There has been significant commentary in the blogosphere about a recent order out of Oregon allegedly imposing a gag order on a bakery that expressed an aversion to same sex weddings. I’ll leave the First Amendment analysis to Ken White at Popehat and Eugene Volokh as linked above. 

I’m a little more concerned with the order’s analysis of the discrimination claim itself. The Labor Commissioner did not undertake the traditional McDonnell Douglas test for discrimination. Now, this might not be an Oregon requirement, but there was no real analytical framework. This is usually important in determining if the acts were discriminatory. 

This case involved statements by the owners expressing an aversion to making cakes for same sex weddings. Let’s assume the easier case: an express policy against catering such weddings.  Is that unlawful? Why?

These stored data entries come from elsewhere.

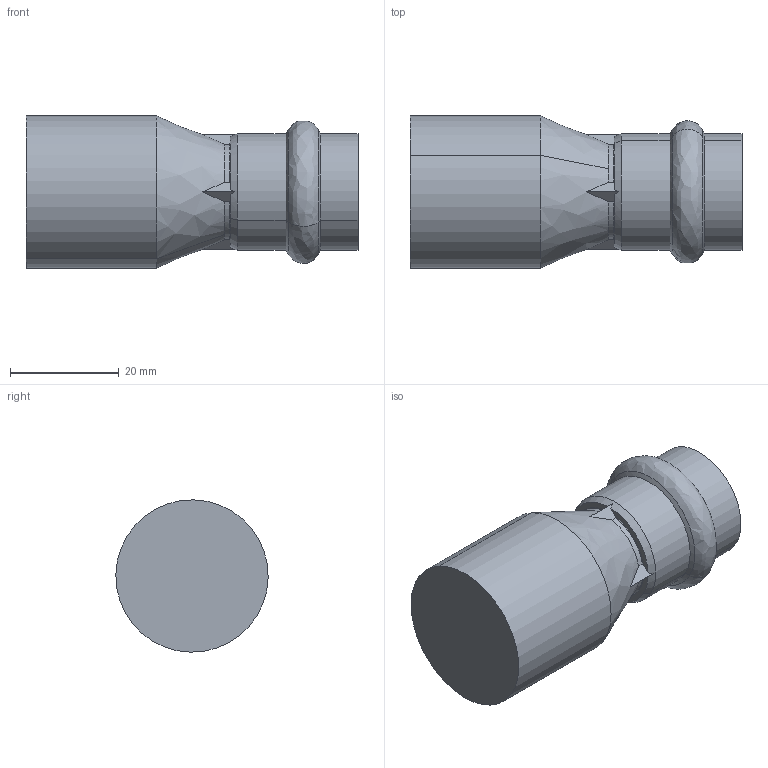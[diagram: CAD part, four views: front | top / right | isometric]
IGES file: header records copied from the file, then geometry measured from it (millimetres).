
Start section: 3D InterOp IGES (Version 25 0 2), Spatial Corp. Copyright (c) 1999-2007.
Global section: file name: pim0003597.igs; native system: Spatial Corp.; preprocessor: 3D InterOp ACIS/IGES; author: CAD-PIM; organization: TransMagic, Inc.; date: 20150914.153808; units: millimetre
Bounding box: 61 x 27.99 x 27.99 mm (x, y, z)
Volume: 23988.1 mm3; surface area: 7253.7 mm2
Topology: 1 solids, 1 shells, 41 faces, 111 edges, 73 vertices
Faces by surface type: plane 15, bspline 14, cone 6, cylinder 6

The statute prohibits announcing you will deny services “on account of …sexual orientation “.  ORS 659A.409. Technically, and it is unclear anyone argued this, no one is denied service on account of their orientation. Rather, the customers are denied service for the nature of the wedding. In most weddings, parents pay for the cake. This bakery would likely sell a cake to gay parents for their straight son’s wedding and refuse to sell to straight parents for their gay son’s wedding. No paying customers are denied on the basis of their orientation. The statute doesn’t address associational discrimination. Disparate treatment discrimination is not implicated and thus the bakery policy announcement of discrimination against same sex weddings, but not necessarily gay customers, would seem to be lawful. [Arguably, the conduct/person analysis of Elane Photography could suggest that it constitutes disparate treatment, but I believe that the conduct/person distinction is more suited to disparate impact analysis. The New Mexico Supreme Court in that case conflated Constitutional Equal Protection analysis with the statutory interpretation frameworks of disparate treatment and impact.]

The policy clearly has a disparate impact; there’s bound to be a spate of older gay couples now paying for their own weddings. However, the Commissioner did not address disparate impact theory, which may or may not be available under Oregon public accommodation law.  Thus, it may be the right outcome but for the wrong reasons.